● **Your goal**: For each line of the data below, copy it if it holds the word "general".

● **Task inputs**:
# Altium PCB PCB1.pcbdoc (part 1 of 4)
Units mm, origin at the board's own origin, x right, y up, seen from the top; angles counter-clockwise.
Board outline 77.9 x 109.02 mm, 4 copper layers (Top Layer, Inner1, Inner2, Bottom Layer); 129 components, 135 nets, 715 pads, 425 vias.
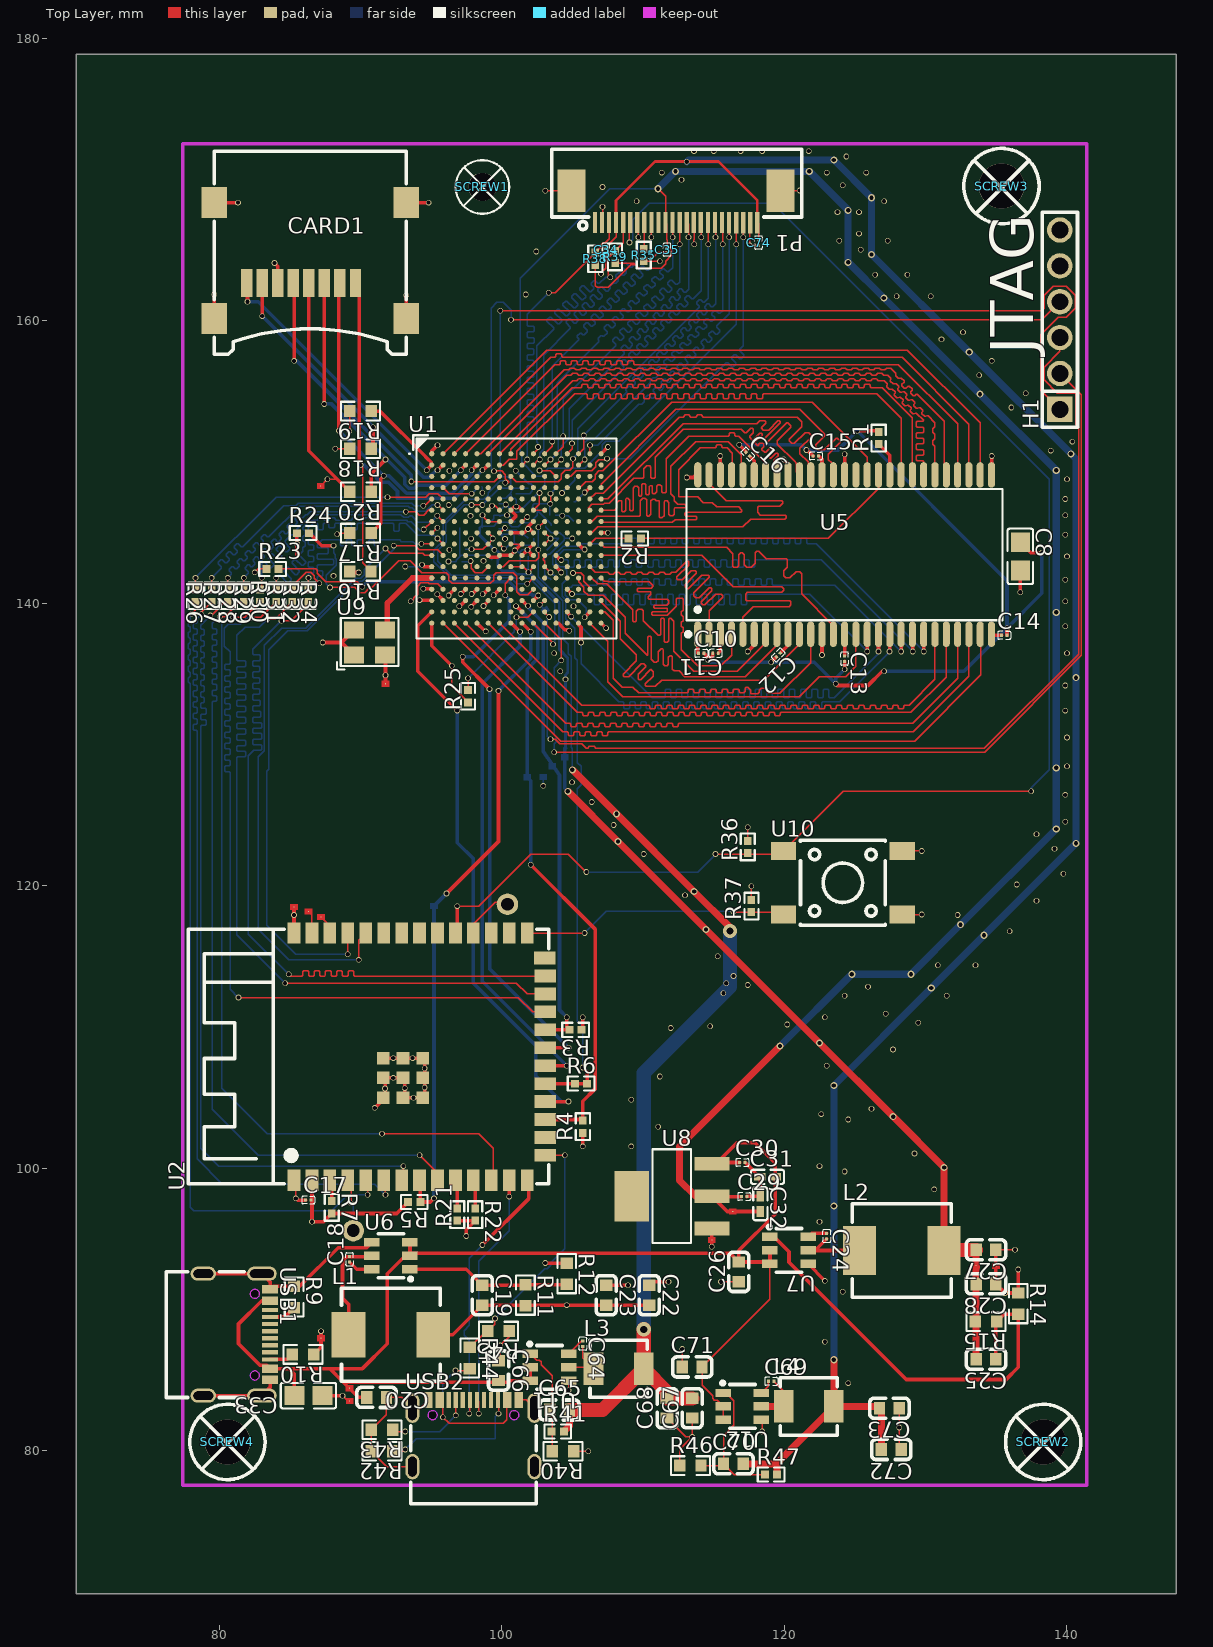
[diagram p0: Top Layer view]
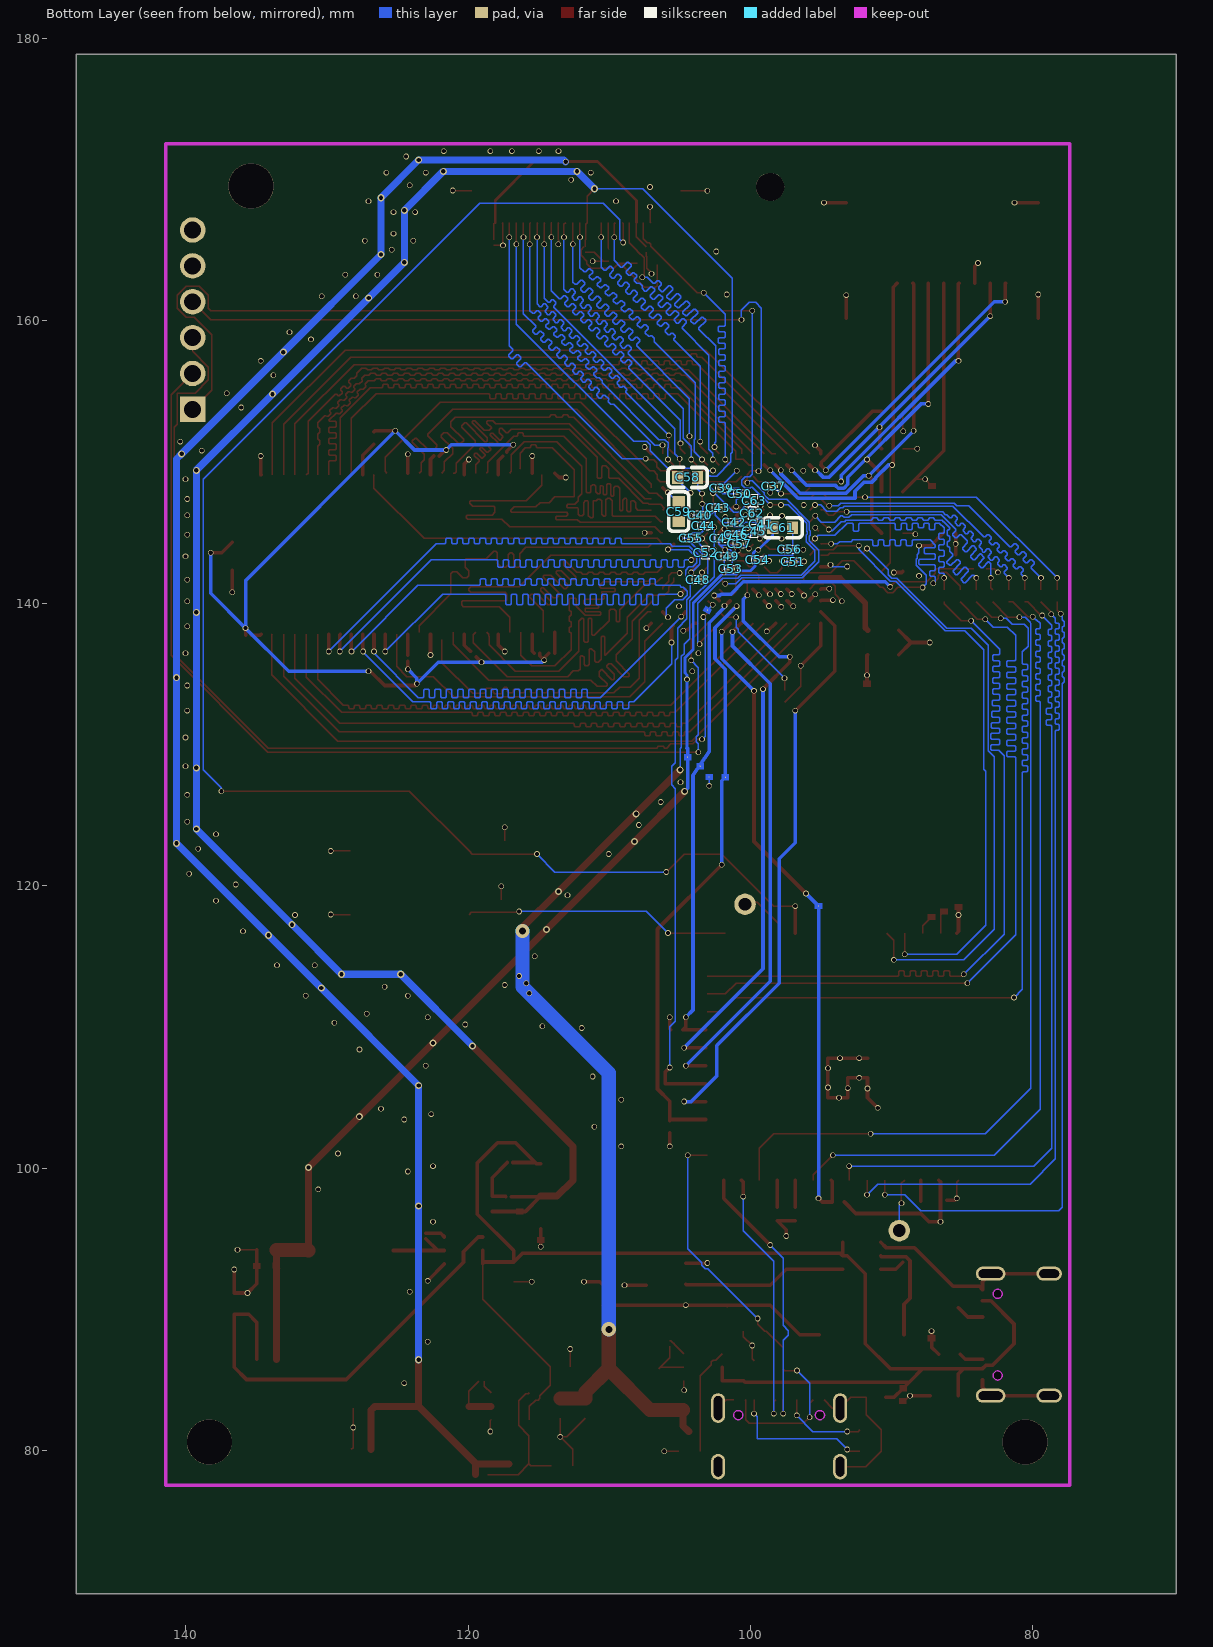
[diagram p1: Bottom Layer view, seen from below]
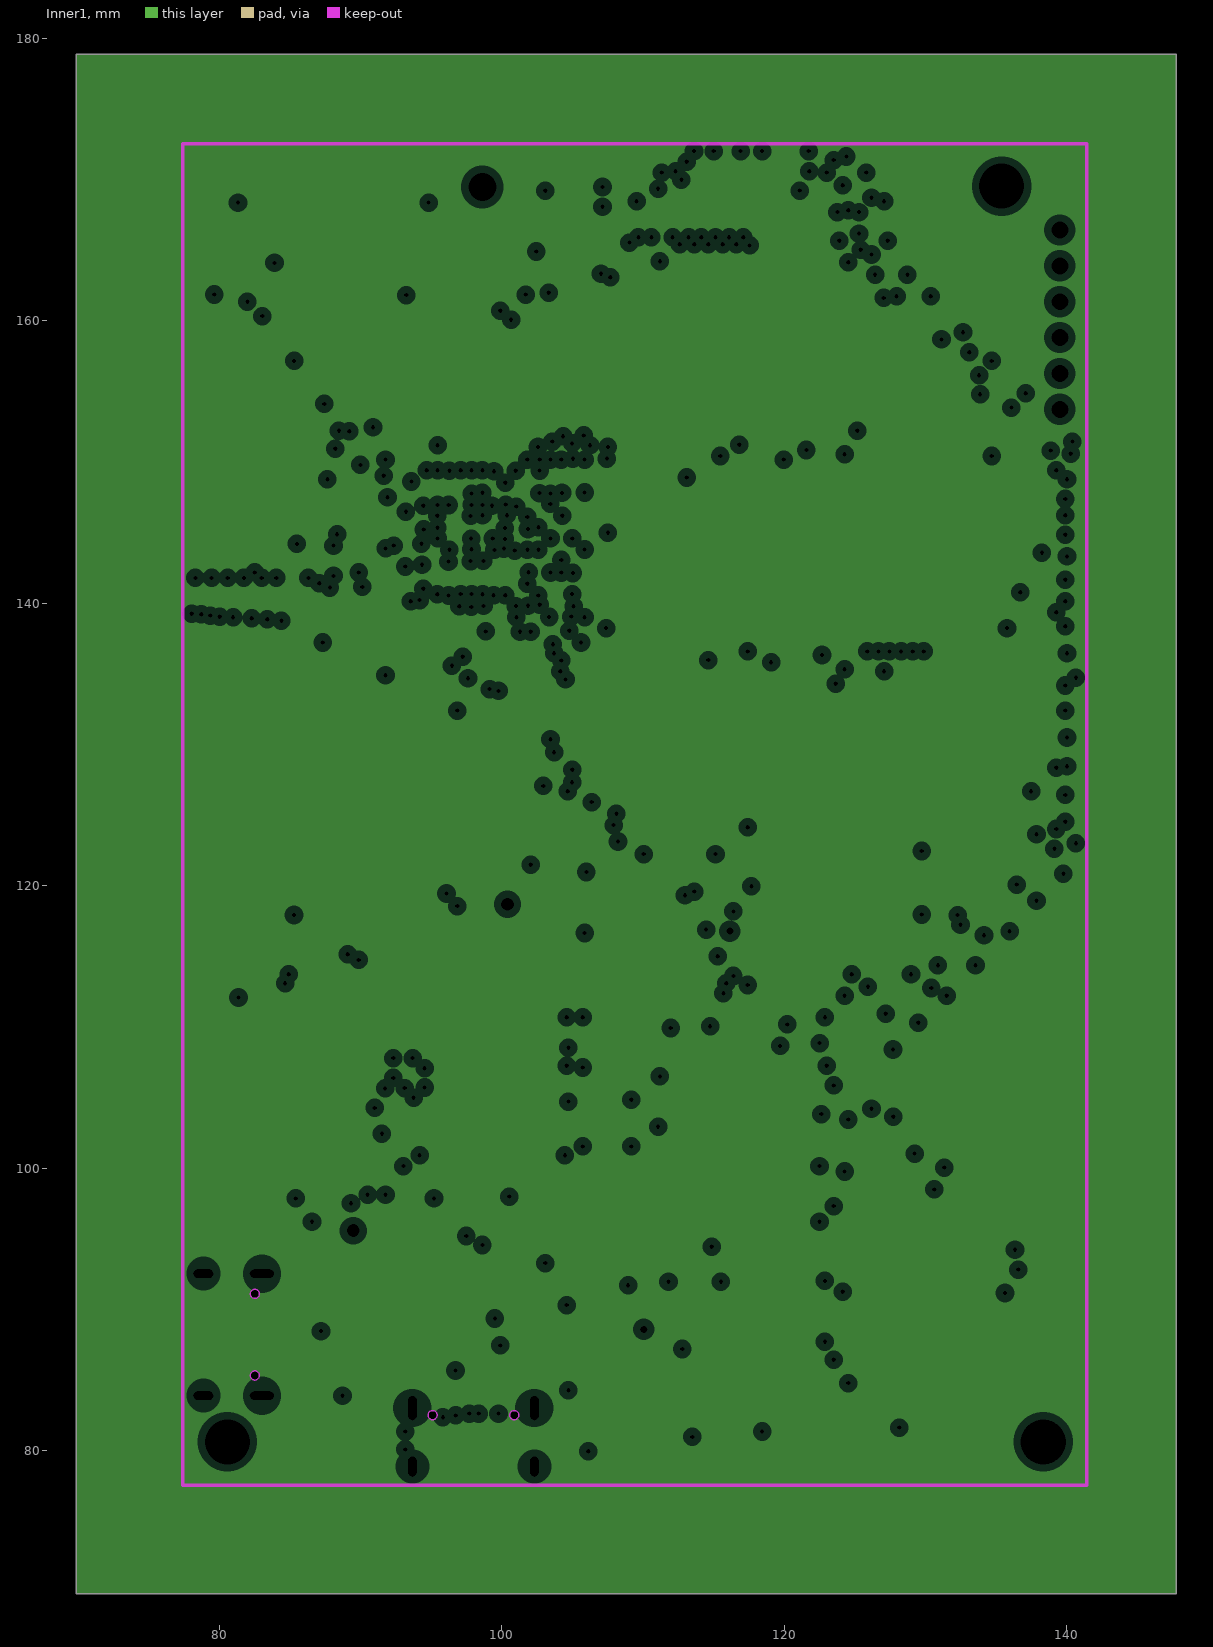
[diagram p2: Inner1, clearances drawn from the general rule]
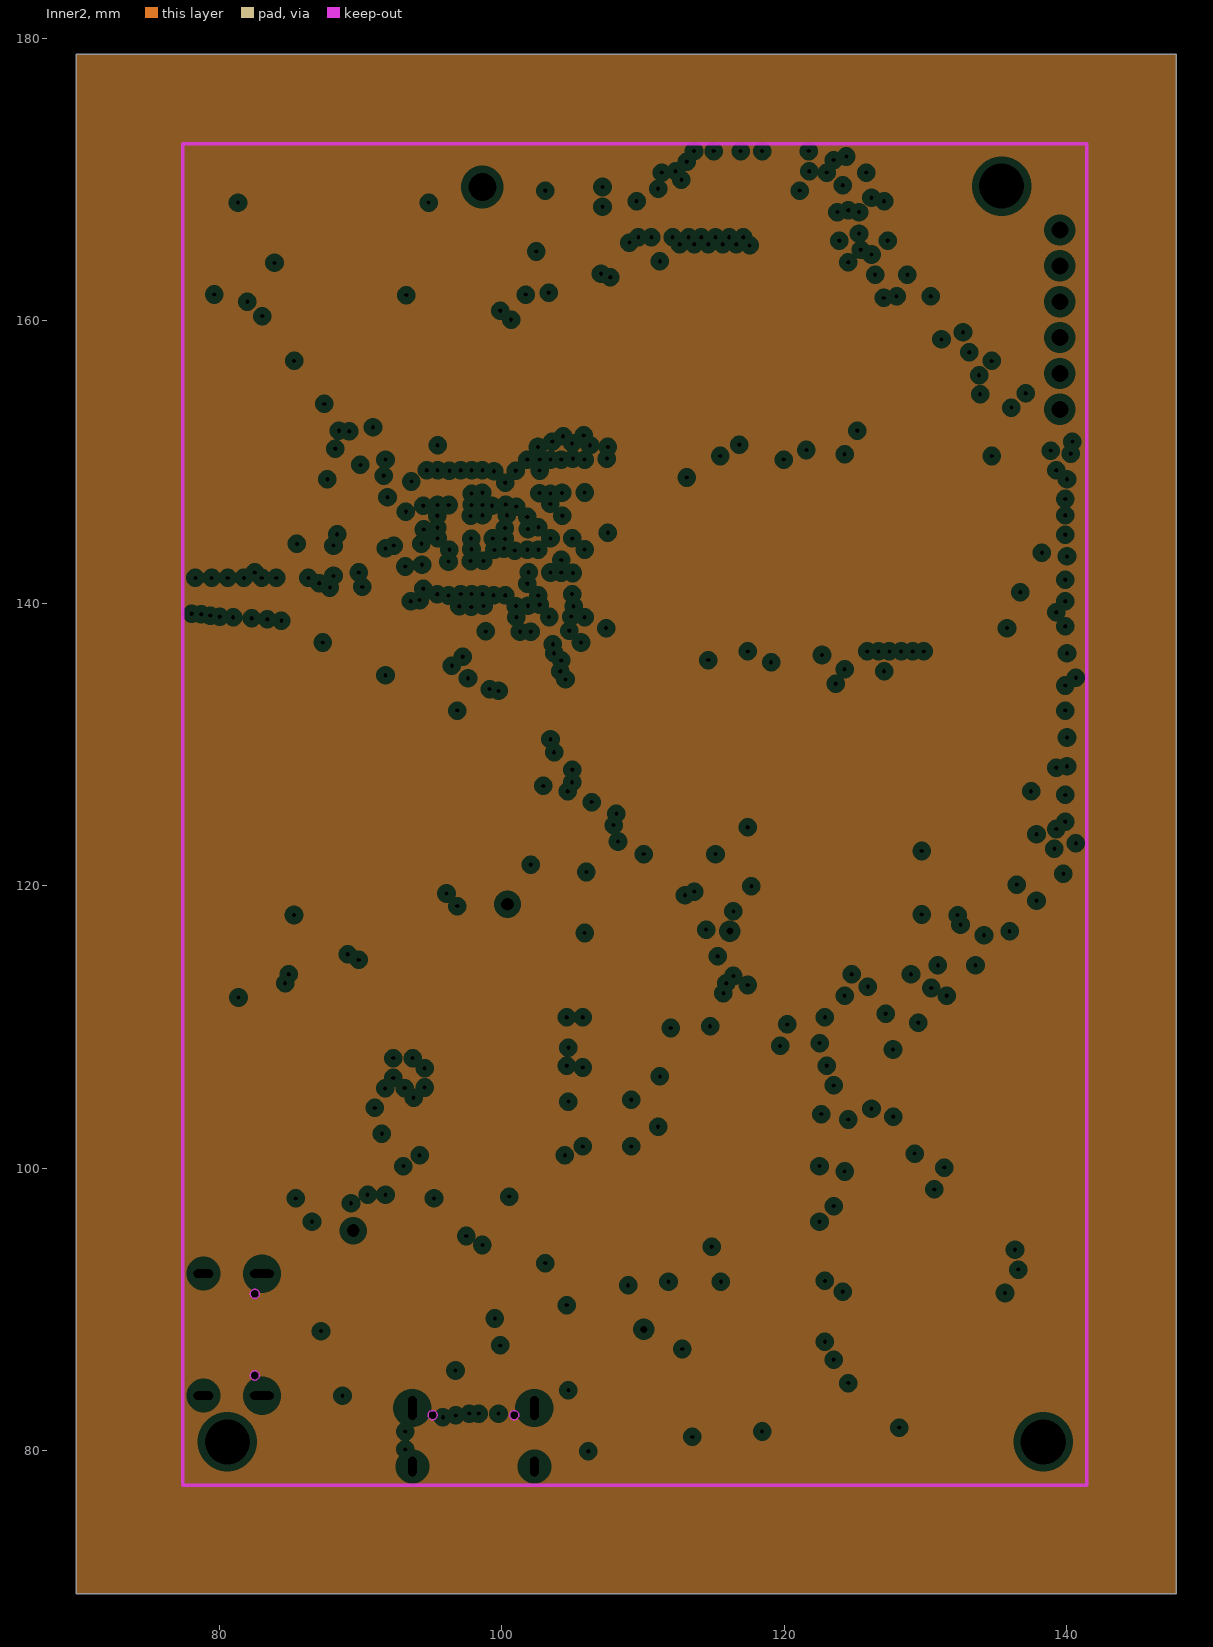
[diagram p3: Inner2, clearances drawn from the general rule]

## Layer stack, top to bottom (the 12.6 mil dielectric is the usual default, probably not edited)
Top Layer: signal copper (thickness not stored)
Dielectric: dielectric 0.32, FR-4, Dk 4.8
Inner1: plane copper (thickness not stored)
Dielectric: dielectric 0.32, FR-4, Dk 4.8
Inner2: plane copper (thickness not stored)
Dielectric: dielectric 0.32, FR-4, Dk 4.8
Bottom Layer: signal copper (thickness not stored)

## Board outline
147.752,69.85 69.85,69.85 69.85,178.875 147.752,178.875

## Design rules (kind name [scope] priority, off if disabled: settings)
BoardOutlineClearance copperThickness1oz [All] p0: genericclearance=0.254 ignorepadtopadclearanceinfootprint=FALSE except(0: Arc-SplitContinuation Track-SplitContinuation SMDPad-SplitContinuation THPad-SplitContinuation Via-SplitContinuation Fill-SplitContinuation Poly-SplitContinuation Region-SplitContinuation Text-SplitContinuation; 0.152: Track-CutoutEdge SMDPad-CutoutEdge THPad-CutoutEdge Via-CutoutEdge Region-CutoutEdge; 0.3: Track-OutlineEdge SMDPad-OutlineEdge THPad-OutlineEdge Via-OutlineEdge Fill-OutlineEdge Region-OutlineEdge Poly-OutlineEdge Text-OutlineEdge Fill-CutoutEdge)
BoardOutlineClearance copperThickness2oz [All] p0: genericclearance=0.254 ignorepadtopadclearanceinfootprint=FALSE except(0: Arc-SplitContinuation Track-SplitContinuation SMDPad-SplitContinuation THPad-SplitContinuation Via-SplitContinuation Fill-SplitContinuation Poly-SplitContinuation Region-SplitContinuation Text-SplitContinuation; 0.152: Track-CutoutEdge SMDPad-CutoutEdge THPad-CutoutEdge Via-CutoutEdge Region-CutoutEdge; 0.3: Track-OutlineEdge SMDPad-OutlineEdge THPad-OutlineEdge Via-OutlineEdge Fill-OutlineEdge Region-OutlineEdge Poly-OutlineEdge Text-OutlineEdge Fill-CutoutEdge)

● **Solution**:
[diagram p2: Inner1, clearances drawn from the general rule]
[diagram p3: Inner2, clearances drawn from the general rule]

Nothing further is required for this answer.